Is Unitarianism then to be the coming religion? I cannot think so. Unitarianism is but a form of Protestantism; the most attenuated form. It is committed to the Bible; held to it indeed by a very fine thread, but still held to it. No doubt it has gained greatly in the last years. The annual circulation of its tracts has risen in twenty-five or thirty years from fifteen thousand to three hundred thousand copies. A quarter of a century ago there was but one Unitarian church on the Pacific coast, now there are eighteen. A generation since it had, in the whole region from the Alleghanies to the Rocky Mountains, only fourteen churches, now there are ninety; and in the same period, sixty-three new societies have come into being in the New England and Middle States. Still, as compared with the great sects, it is very small, and never can be their rival. And this because, however interesting and precious it may be to some people, it lacks, and must ever lack, owing to its critical character, the elements of a great religion, the passionateness that charms the people, and the moral enthusiasm that catches up the few men of genius. The period of "pale negations" is past; but in proportion as the system becomes positive it tends more and more towards the principle that animates the ethical societies, namely, its supreme devotion to the moral law. Thus it stands at the beginning, not at the end, of the line of advance, and has all the work of building up to do, before it can grow in general influence.
No, the religion of the future in America must be of the spirit; not merely as being independent of form and dogma, but as cherishing a great hope for the soul, and a great aspiration after perfection. No doubt every spirit must have a form of some kind, but it need not be a fixed, established, dominant imposition. M. Renan touched the matter exactly when commenting on the interview of Jesus with the woman of Samaria: "Woman, the hour is coming and now is, when men shall worship neither on this mountain nor at Jerusalem, but when the true worshippers shall worship the Father in spirit and in truth." Renan says:
When the Christ pronounced this word, he became really a Son of God, and for the first time spoke the word upon which eternal religion shall repose. He founded the worship without date, without country, which shall endure to the end of time.

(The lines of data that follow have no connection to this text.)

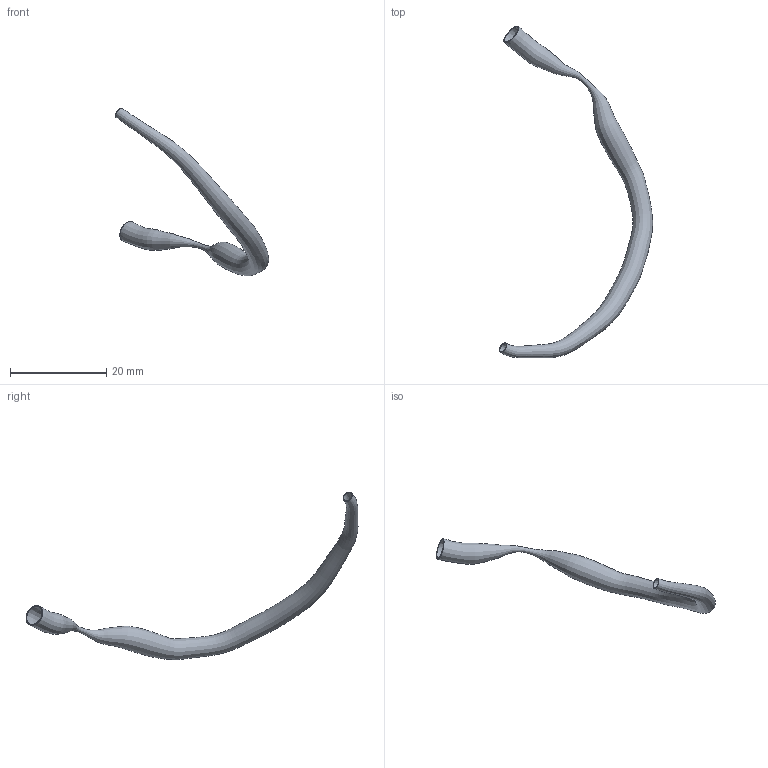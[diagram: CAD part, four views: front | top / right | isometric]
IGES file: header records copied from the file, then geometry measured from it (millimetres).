
Global section: file name: C:\Documents and Settings\Administrator\Desktop\FDA Bifurcation win\RawData_for_IGES\HRCA_Data\20000719.092552\IGES\20000719.092552.RCA.SEG.ED.igs; native system: Rhinoceros ( May 19 2006 ); preprocessor: Trout Lake IGES 012 May 19 2006; date: 100728.202227; units: centimetre
Bounding box: 31.86 x 68.94 x 34.82 mm (x, y, z)
Surface area: 2359.6 mm2 (no closed solid volume)
Topology: 0 solids, 0 shells, 4 faces, 12 edges, 8 vertices
Faces by surface type: bspline 4
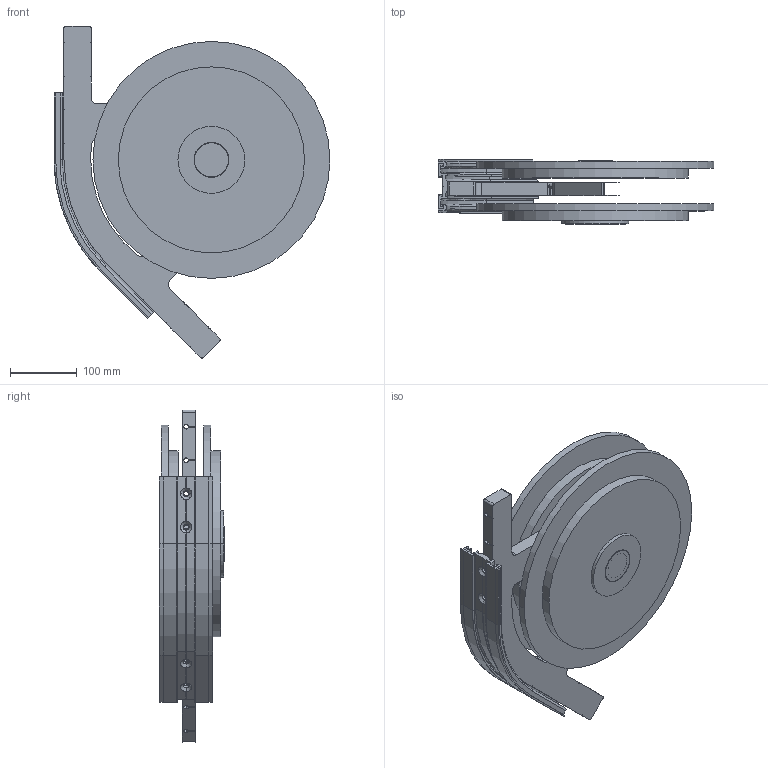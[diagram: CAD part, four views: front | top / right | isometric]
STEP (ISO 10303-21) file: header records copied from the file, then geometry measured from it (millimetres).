
FILE_DESCRIPTION (( 'STEP AP203' ), '1' );
FILE_NAME ('R1C200-45.STEP', '2008-11-24T14:37:26', ( 'faber' ), ( '' ), 'SwSTEP 2.0', 'SolidWorks 2008', '' );
FILE_SCHEMA (( 'CONFIG_CONTROL_DESIGN' ));
Length unit declared in the file: millimetre
Products named in the file (1): R1C200-45
Bounding box: 412 x 97.4 x 495.91 mm (x, y, z)
Surface area: 659318.2 mm2 (no closed solid volume)
Topology: 0 solids, 140 shells, 568 faces, 2252 edges, 1804 vertices
Faces by surface type: plane 378, bspline 93, cylinder 83, cone 14
Entity records: 28118 total; most frequent: CARTESIAN_POINT 12160, ORIENTED_EDGE 3048, DIRECTION 2554, EDGE_CURVE 2252, VERTEX_POINT 1804, VECTOR 962, LINE 962, B_SPLINE_CURVE_WITH_KNOTS 831
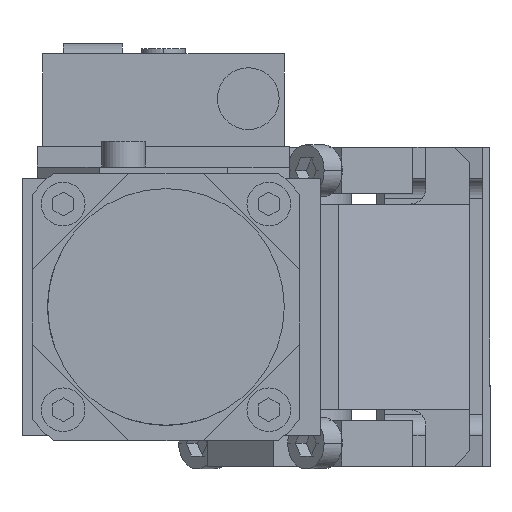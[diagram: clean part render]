
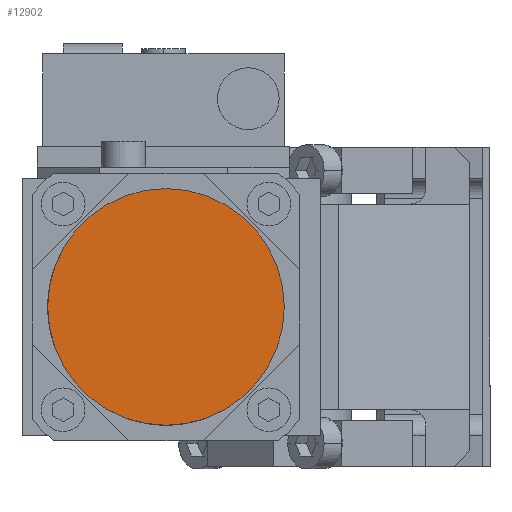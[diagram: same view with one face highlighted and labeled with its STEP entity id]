
A CAD part, front view. The second image highlights one B-rep face of the part: STEP entity #12902.
In plain terms, the highlighted planar face has unit normal (0, -1, 0) as drawn and (0, 1, 0) by its records, which use the part's own axes.
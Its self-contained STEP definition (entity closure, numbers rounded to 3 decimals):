
#357 = VERTEX_POINT ( 'NONE', #9401 ) ;
#410 = VERTEX_POINT ( 'NONE', #9177 ) ;
#1480 = ORIENTED_EDGE ( 'NONE', *, *, #2339, .T. ) ;
#1515 = AXIS2_PLACEMENT_3D ( 'NONE', #9809, #9725, #12743 ) ;
#1578 = CIRCLE ( 'NONE', #6701, 23. ) ;
#2339 = EDGE_CURVE ( 'NONE', #410, #357, #1578, .T. ) ;
#3354 = ORIENTED_EDGE ( 'NONE', *, *, #4809, .T. ) ;
#3915 = FACE_OUTER_BOUND ( 'NONE', #5892, .T. ) ;
#4809 = EDGE_CURVE ( 'NONE', #357, #410, #13260, .T. ) ;
#5892 = EDGE_LOOP ( 'NONE', ( #1480, #3354 ) ) ;
#5979 = DIRECTION ( 'NONE',  ( 0., 0., 1. ) ) ;
#6331 = PLANE ( 'NONE',  #14637 ) ;
#6701 = AXIS2_PLACEMENT_3D ( 'NONE', #14697, #14619, #14617 ) ;
#7453 = DIRECTION ( 'NONE',  ( 0., 1., 0. ) ) ;
#9177 = CARTESIAN_POINT ( 'NONE',  ( 0., 113., -23. ) ) ;
#9193 = CARTESIAN_POINT ( 'NONE',  ( 0., 113., 0. ) ) ;
#9401 = CARTESIAN_POINT ( 'NONE',  ( 0., 113., 23. ) ) ;
#9725 = DIRECTION ( 'NONE',  ( 0., 1., 0. ) ) ;
#9809 = CARTESIAN_POINT ( 'NONE',  ( 0., 113., 0. ) ) ;
#12743 = DIRECTION ( 'NONE',  ( 0., 0., 1. ) ) ;
#12902 = ADVANCED_FACE ( 'NONE', ( #3915 ), #6331, .T. ) ;
#13260 = CIRCLE ( 'NONE', #1515, 23. ) ;
#14617 = DIRECTION ( 'NONE',  ( 0., 0., 1. ) ) ;
#14619 = DIRECTION ( 'NONE',  ( 0., 1., 0. ) ) ;
#14637 = AXIS2_PLACEMENT_3D ( 'NONE', #9193, #7453, #5979 ) ;
#14697 = CARTESIAN_POINT ( 'NONE',  ( 0., 113., 0. ) ) ;

He created a heaven of pure souls, where one finds what one asks in vain for on the earth, the perfect nobleness of the children of God, absolute purity, total abstraction from the impurities of the world, the liberty which has its complete amplitude only in the world of thought.... The love of God conceived as the type of all perfection, the love of man, charity, his whole doctrine is reduced to this; nothing can be less theological, less sacerdotal, nothing more philosophical, more profound, or more simple.